When he took over as head of the regime, Brazilian GDP growth, which had peaked at 13,97% in 1973, fell to 8,15% in 1974 and 5,17% in 1975. The difficult economic situation he inherited did not inhibit his developmentalist ambitions. He intended to revive Brazil’s self-centered industrialization project, with strong state participation. In his aforementioned autobiographical statement to the CPDOC, regarding a comment made to him (“In your view, then, the State in Brazil is a crucial agent of development”), he responded that it was, arguing against those who celebrate the “millions of dollars” entering the stock market. “I am against this, because this money is now invested in the stock market, it makes a profit, but when the guy sees that he has already made a good profit, he leaves […] instead of contributing to our development, he is sucking us dry! Getúlio fought hard against this.” And he reinforces: “the State has to direct” (p. 252-253)
Further on, he emphasizes that development “must be homogeneous”. Using the example of the steel industry, he again cites Getúlio Vargas regarding the installation of the Volta Redonda plant and points out the lack of planning for the industrialization that followed, starting with Juscelino: “they set up a series of industries, refrigeration, washing machines […], the automobile industry itself, without considering at the same time providing the necessary raw materials. They left steel production meager, insignificant, and the steel needed for this production had to be largely imported. […] it was necessary to expand the steel industry. For this reason, the steel mills of Volta Redonda and Usiminas were expanded, and those of Açominas and Tubarão were started […]” (p. 301-302).
He also highlighted the heavy investment in the construction of the Itaipu and Tucuruí hydroelectric plants, which made possible the national production of aluminum, which until then had been almost entirely imported. Regarding nuclear energy, he justified the agreement with Germany because of the “terrible service” provided by the American trust Westinghouse, which the Medici government had commissioned to build the first nuclear power plant.
The national industrial development plan launched by Ernesto Geisel was not lacking in coherence and ambition. However, the consequences of the “oil shock” had a strong negative impact on its implementation. He had always defended the Petrobrás monopoly, but in the energy crisis, he resorted to “risk contracts” with the oil cartel of imperialist vultures. “I had to accept it in light of the emergency the country was going through” (p. 308).

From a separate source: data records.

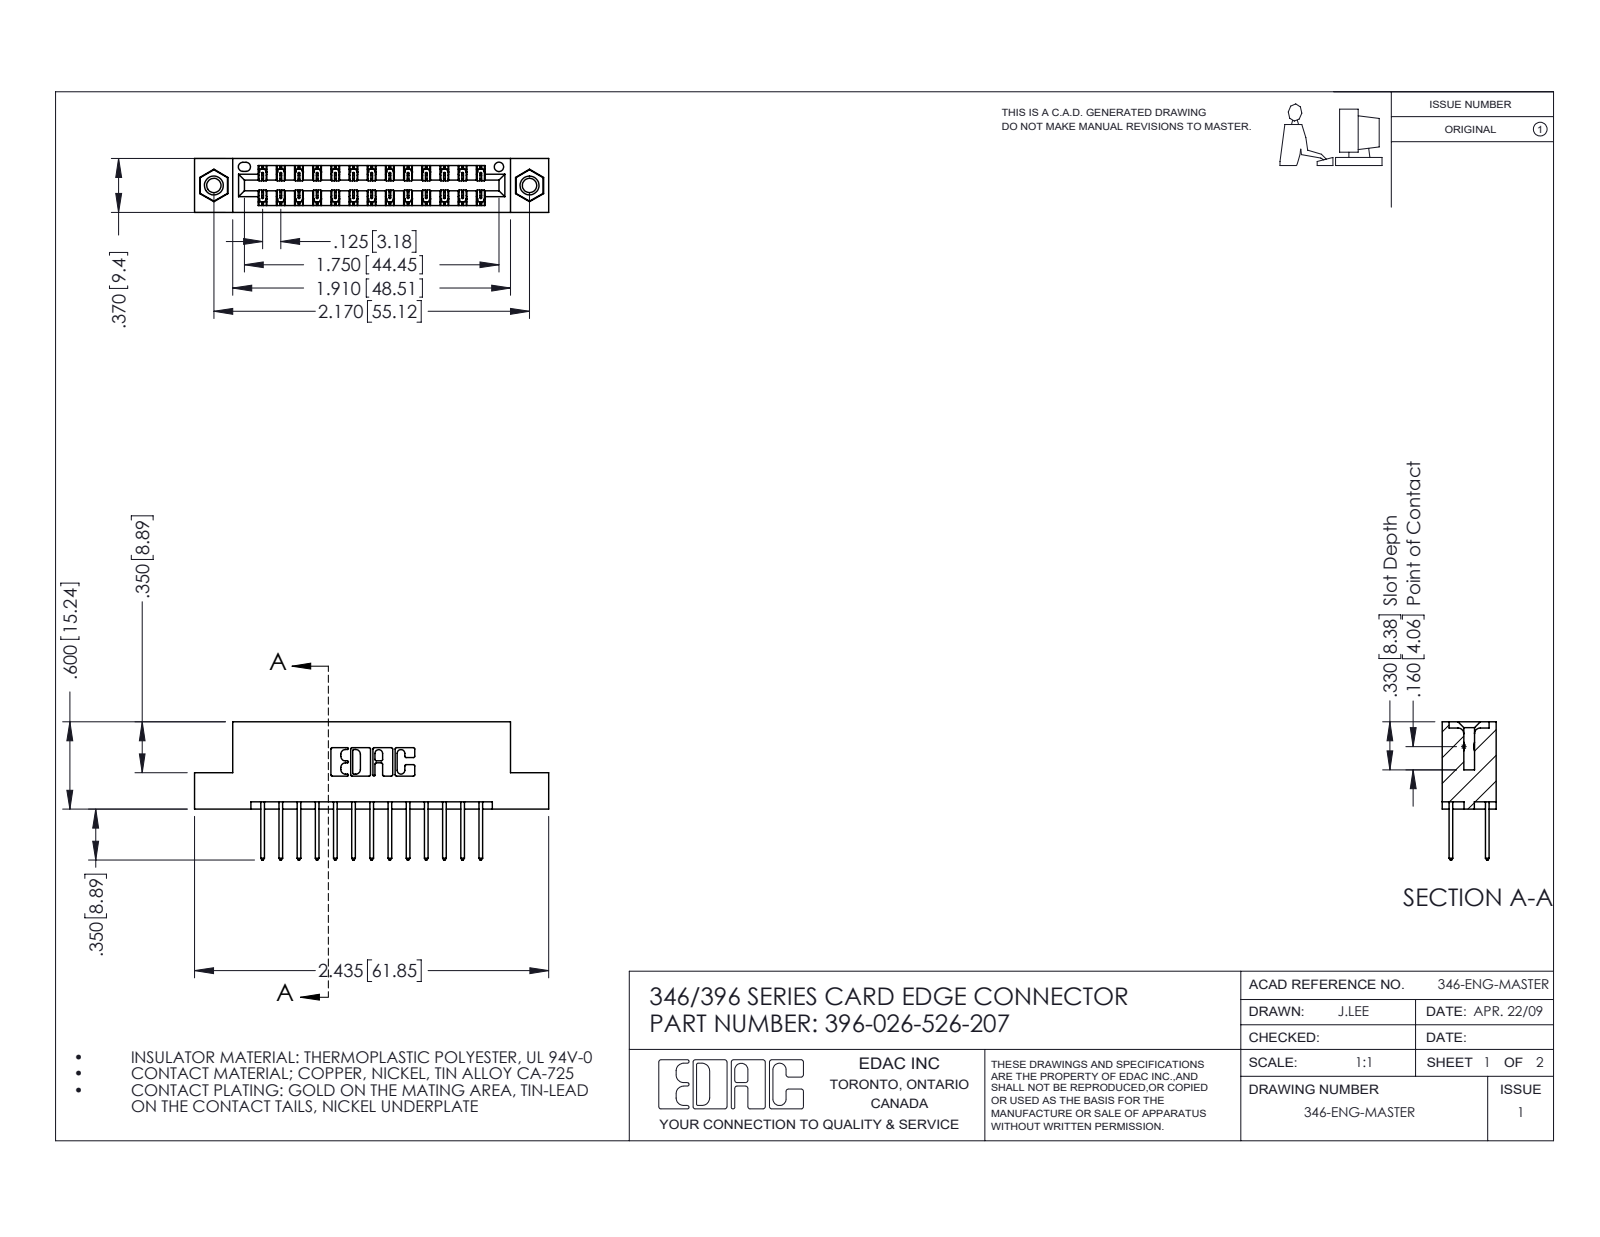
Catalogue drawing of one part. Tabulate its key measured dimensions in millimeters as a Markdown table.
| quantity | value |
| --- | --- |
| part name | 396-026-526-207; 345-250-001_345-250-005-103; 345-292-001_345-293-126; 346 Part_Flush Mounting Lugs - 0.156 Dia-TI |
| STEP written by | SolidWorks 2016 (CONFIG_CONTROL_DESIGN) |
| units | millimeters |
| bodies | 29 solids, 1534 faces (1018 planar, 500 cylindrical, 16 other) |
| overall size | 61.8 × 24.1 × 9.4 |
| volume | 5 830 mm³ |
| surface area | 7 787 mm² |
| round holes (diameter × count) | 2.5 × 2, 3.2 × 2, 4 × 2, 1.6 × 1 |
| round bosses / shafts (diameter × count) | 3.9 × 2 |
| partial cylindrical surfaces (radius × count) | 0.2 × 39, 0.3 × 26, 0.3 × 22, 0.2 × 6, 0.8 × 6, 0.7 × 3, 0.4 × 2, 0.6 × 2 |
| main face-to-face distances | 6.4, 1.2, 8.2, 9.4, 1.8, 7.6, 0.6, 7, 3.8, 5.6 |
| hole center spacings | 6.2, 49.9, 55.1 |

But Shell, Esso et caterva, which usually operate with easy and certain profits, contributed little or nothing to alleviate the fuel shortage that plagued the country. The solution found was the launch of the alcohol program, financed by the State, which made it possible to ensure sufficient supply to vehicles with engines adapted to the new fuel.
Ernesto Geisel quotes Getúlio Vargas a lot, generally positively, but in a neutral tone. After all, he played a prominent role in the 1964 coup and the dictatorship that was established at the time, whose explicit objective was to eliminate communism and Getúlio Vargasism from national politics. However, he did not lose sight of two essential criteria of nationalism: autonomous economic development and independent foreign policy.
It is ironic that the first president elected by popular vote after the end of the dictatorship, the “playboy“Fernando Collor, during his fortunately short term, promoted the opening of the economy to the large imperialist monopolies, to the detriment of national industry. He did this to “please the Americans”, pondered Ernesto Geisel, using the example of petrochemicals, but also referring to other basic industries: […] “we are in a recession […]; abroad they are also in recession. So they sell at marginal costs […] because they have production that has no outlet”. They finance these sales with interest rates much lower than those charged in Brazil. “The government knows this. Does it do anything? It does nothing” (p. 253). (We remember that these autobiographical statements were taken between July 1993 and March 1994; the president was Itamar and the Minister of Economy was FH Cardoso).